While Bernstein says that she was inspired by those original members of the “Mango Gang,” she adds that her Jewish/Argentine heritage has also influenced her cooking. “I don’t know how to start a soup without making a sofrito first,” Bernstein said. “That’s how I was raised, but it is also how I taught my cooks, and my cooks are now chefs teaching their cooks, and it’s just instilled in them. And let’s face it, half of the cooks in the kitchens are Latin, whether they’re the chefs or the prep cooks. All of their hands influence everybody’s food.”

Bernstein said her first cooking mentor was her mother. “Mom made, every week, a puchero, a chicken soup that you make in five different pots, with sweetbreads and beef in one, cabbage and vegetables in another, a whole chicken in another…and then you eat all the protein, and then you drink the broth with the vegetables. It’s really delicious.”  

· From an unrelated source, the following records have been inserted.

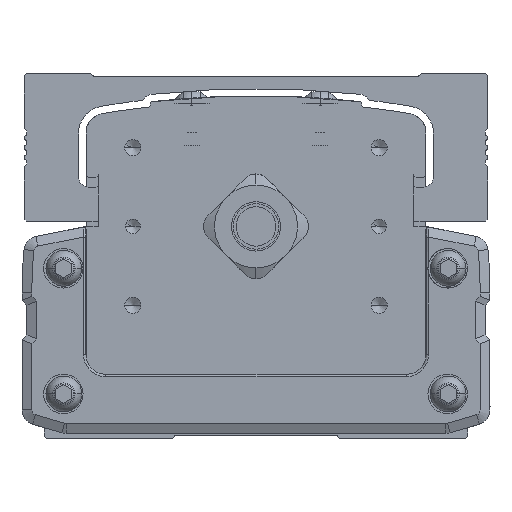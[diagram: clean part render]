
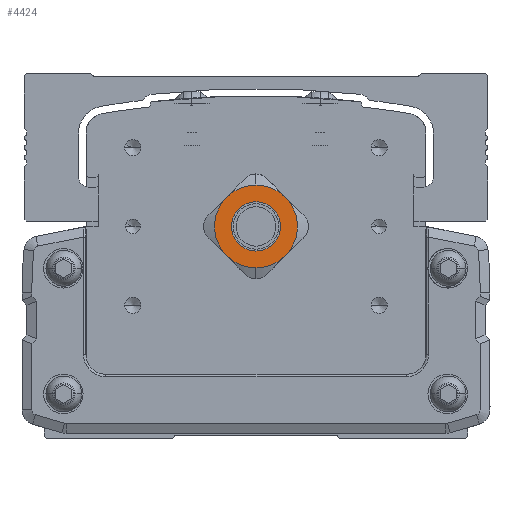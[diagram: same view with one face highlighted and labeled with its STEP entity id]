
A CAD part, front view. The second image highlights one B-rep face of the part: STEP entity #4424.
In plain terms, the highlighted planar face has unit normal (0, -1, 0).
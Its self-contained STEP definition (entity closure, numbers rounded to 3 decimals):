
#4424=ADVANCED_FACE('',(#9504,#9505),#9506,.F.);
#9504=FACE_OUTER_BOUND('',#16501,.T.);
#9505=FACE_BOUND('',#16502,.T.);
#9506=PLANE('',#16503);
#16501=EDGE_LOOP('',(#30246,#30247,#30248,#30249,#30250,#30251));
#16502=EDGE_LOOP('',(#30252,#30253));
#16503=AXIS2_PLACEMENT_3D('',#30254,#30255,#30256);
#30246=ORIENTED_EDGE('',*,*,#39959,.T.);
#30247=ORIENTED_EDGE('',*,*,#40316,.T.);
#30248=ORIENTED_EDGE('',*,*,#37223,.T.);
#30249=ORIENTED_EDGE('',*,*,#41188,.T.);
#30250=ORIENTED_EDGE('',*,*,#41189,.T.);
#30251=ORIENTED_EDGE('',*,*,#39946,.T.);
#30252=ORIENTED_EDGE('',*,*,#41190,.F.);
#30253=ORIENTED_EDGE('',*,*,#40656,.F.);
#30254=CARTESIAN_POINT('',(0.,-161.468,0.127));
#30255=DIRECTION('',(0.,1.0,0.));
#30256=DIRECTION('',(0.,0.,1.0));
#37223=EDGE_CURVE('',#45105,#45107,#45109,.T.);
#39946=EDGE_CURVE('',#49284,#43161,#49286,.T.);
#39959=EDGE_CURVE('',#43161,#49301,#49303,.T.);
#40316=EDGE_CURVE('',#49301,#45105,#49772,.T.);
#40656=EDGE_CURVE('',#50207,#50209,#50210,.T.);
#41188=EDGE_CURVE('',#45107,#45666,#50891,.T.);
#41189=EDGE_CURVE('',#45666,#49284,#50892,.T.);
#41190=EDGE_CURVE('',#50209,#50207,#50893,.T.);
#43161=VERTEX_POINT('',#53424);
#45105=VERTEX_POINT('',#56476);
#45107=VERTEX_POINT('',#56479);
#45109=CIRCLE('',#56492,8.413);
#45666=VERTEX_POINT('',#57273);
#49284=VERTEX_POINT('',#62822);
#49286=CIRCLE('',#62825,8.413);
#49301=VERTEX_POINT('',#62861);
#49303=CIRCLE('',#62874,8.413);
#49772=CIRCLE('',#63586,8.413);
#50207=VERTEX_POINT('',#64213);
#50209=VERTEX_POINT('',#64216);
#50210=CIRCLE('',#64217,4.625);
#50891=CIRCLE('',#65288,8.413);
#50892=CIRCLE('',#65289,8.413);
#50893=CIRCLE('',#65290,4.625);
#53424=CARTESIAN_POINT('',(5.949,-161.468,-5.949));
#56476=CARTESIAN_POINT('',(0.,-161.468,8.412));
#56479=CARTESIAN_POINT('',(-5.949,-161.468,5.949));
#56492=AXIS2_PLACEMENT_3D('',#69069,#69070,#69071);
#57273=CARTESIAN_POINT('',(-5.949,-161.468,-5.949));
#62822=CARTESIAN_POINT('',(0.,-161.468,-8.413));
#62825=AXIS2_PLACEMENT_3D('',#72178,#72179,#72180);
#62861=CARTESIAN_POINT('',(5.949,-161.468,5.949));
#62874=AXIS2_PLACEMENT_3D('',#72191,#72192,#72193);
#63586=AXIS2_PLACEMENT_3D('',#72552,#72553,#72554);
#64213=CARTESIAN_POINT('',(0.,-161.468,-4.625));
#64216=CARTESIAN_POINT('',(0.,-161.468,4.625));
#64217=AXIS2_PLACEMENT_3D('',#72961,#72962,#72963);
#65288=AXIS2_PLACEMENT_3D('',#73467,#73468,#73469);
#65289=AXIS2_PLACEMENT_3D('',#73470,#73471,#73472);
#65290=AXIS2_PLACEMENT_3D('',#73473,#73474,#73475);
#69069=CARTESIAN_POINT('',(0.,-161.468,0.));
#69070=DIRECTION('',(0.,-1.0,0.));
#69071=DIRECTION('',(0.,0.,1.0));
#72178=CARTESIAN_POINT('',(0.,-161.468,0.));
#72179=DIRECTION('',(0.,-1.0,0.));
#72180=DIRECTION('',(0.,0.,1.0));
#72191=CARTESIAN_POINT('',(0.,-161.468,0.));
#72192=DIRECTION('',(0.,-1.0,0.));
#72193=DIRECTION('',(0.,0.,1.0));
#72552=CARTESIAN_POINT('',(0.,-161.468,0.));
#72553=DIRECTION('',(0.,-1.0,0.));
#72554=DIRECTION('',(0.,0.,1.0));
#72961=CARTESIAN_POINT('',(0.,-161.468,0.));
#72962=DIRECTION('',(0.,-1.0,0.));
#72963=DIRECTION('',(0.,0.,-1.0));
#73467=CARTESIAN_POINT('',(0.,-161.468,0.));
#73468=DIRECTION('',(0.,-1.0,0.));
#73469=DIRECTION('',(0.,0.,1.0));
#73470=CARTESIAN_POINT('',(0.,-161.468,0.));
#73471=DIRECTION('',(0.,-1.0,0.));
#73472=DIRECTION('',(0.,0.,1.0));
#73473=CARTESIAN_POINT('',(0.,-161.468,0.));
#73474=DIRECTION('',(0.,-1.0,0.));
#73475=DIRECTION('',(0.,0.,-1.0));
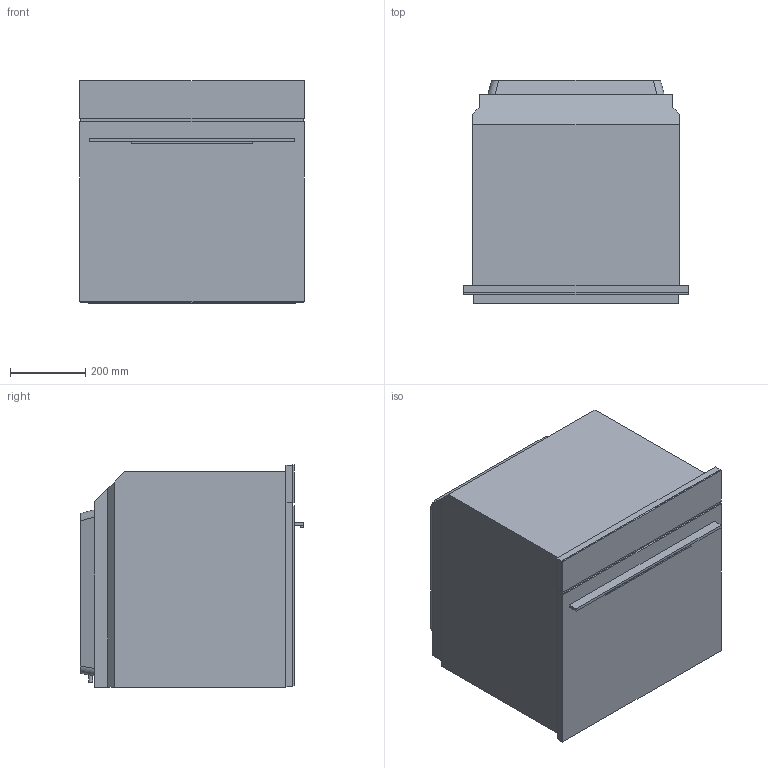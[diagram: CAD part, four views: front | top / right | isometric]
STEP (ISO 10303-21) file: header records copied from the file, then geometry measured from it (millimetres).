
FILE_DESCRIPTION(/* description */ ('Unknown'),/* implementation_level */ '2;1');
FILE_NAME(/* name */ 'SO6104APG',/* time_stamp */ '2025-10-21T09:45:36+02:00',/* author */ ('Unknown'),/* organization */ ('Unknown'),/* preprocessor_version */ 'ST-DEVELOPER v16.7',/* originating_system */ 'DEX',/* authorisation */ $);
FILE_SCHEMA (('AUTOMOTIVE_DESIGN {1 0 10303 214 3 1 1}'));
Length unit declared in the file: millimetre
Products named in the file (1): SO6104APG
Bounding box: 597 x 595.85 x 591.85 mm (x, y, z)
Volume: 174037100.9 mm3; surface area: 2637039.5 mm2
Topology: 3 solids, 3 shells, 57 faces, 144 edges, 96 vertices
Faces by surface type: plane 49, cylinder 5, cone 3
Full cylindrical faces by diameter (mm): 10 x1
Entity records: 1849 total; most frequent: CARTESIAN_POINT 297, ORIENTED_EDGE 270, DIRECTION 262, EDGE_CURVE 135, LINE 120, VECTOR 120, VERTEX_POINT 94, AXIS2_PLACEMENT_3D 71

Though she started cooking at the age of 4, she originally followed a different career path, setting out as a young student to become a dancer. “My biggest problem, I think, was that I was supposed to be starving myself,” Bernstein said. “And so, once I realized that, the dancing ended.” She ended up following her heart and majoring in nutrition in college.

“I think I did it because I loved the food so much, but I didn’t realize that I could actually be a chef,” she said. “Let’s face it, you didn’t hear about Alice Waters down here back then. And you didn’t hear about any women, really, that were in kitchens. All I knew was that you had to be French and you had to be kind of big and strong. I know it was ignorant, but what did I know? I was a Jewish kid from Miami.” From there, she enrolled in culinary school, and, as she said, “That was it. I never looked back.”

Today, Bernstein, mother of a 2 year-old, continues to look ahead in the culinary world. “I have four huge plans coming up…. But I’m not allowed to talk about any of them now,” she said, coyly. “But things are getting crazy. I always told everyone, once I put my son in school, get ready to see what I’m doing next. He just started Montessori, so mom is getting back to work.”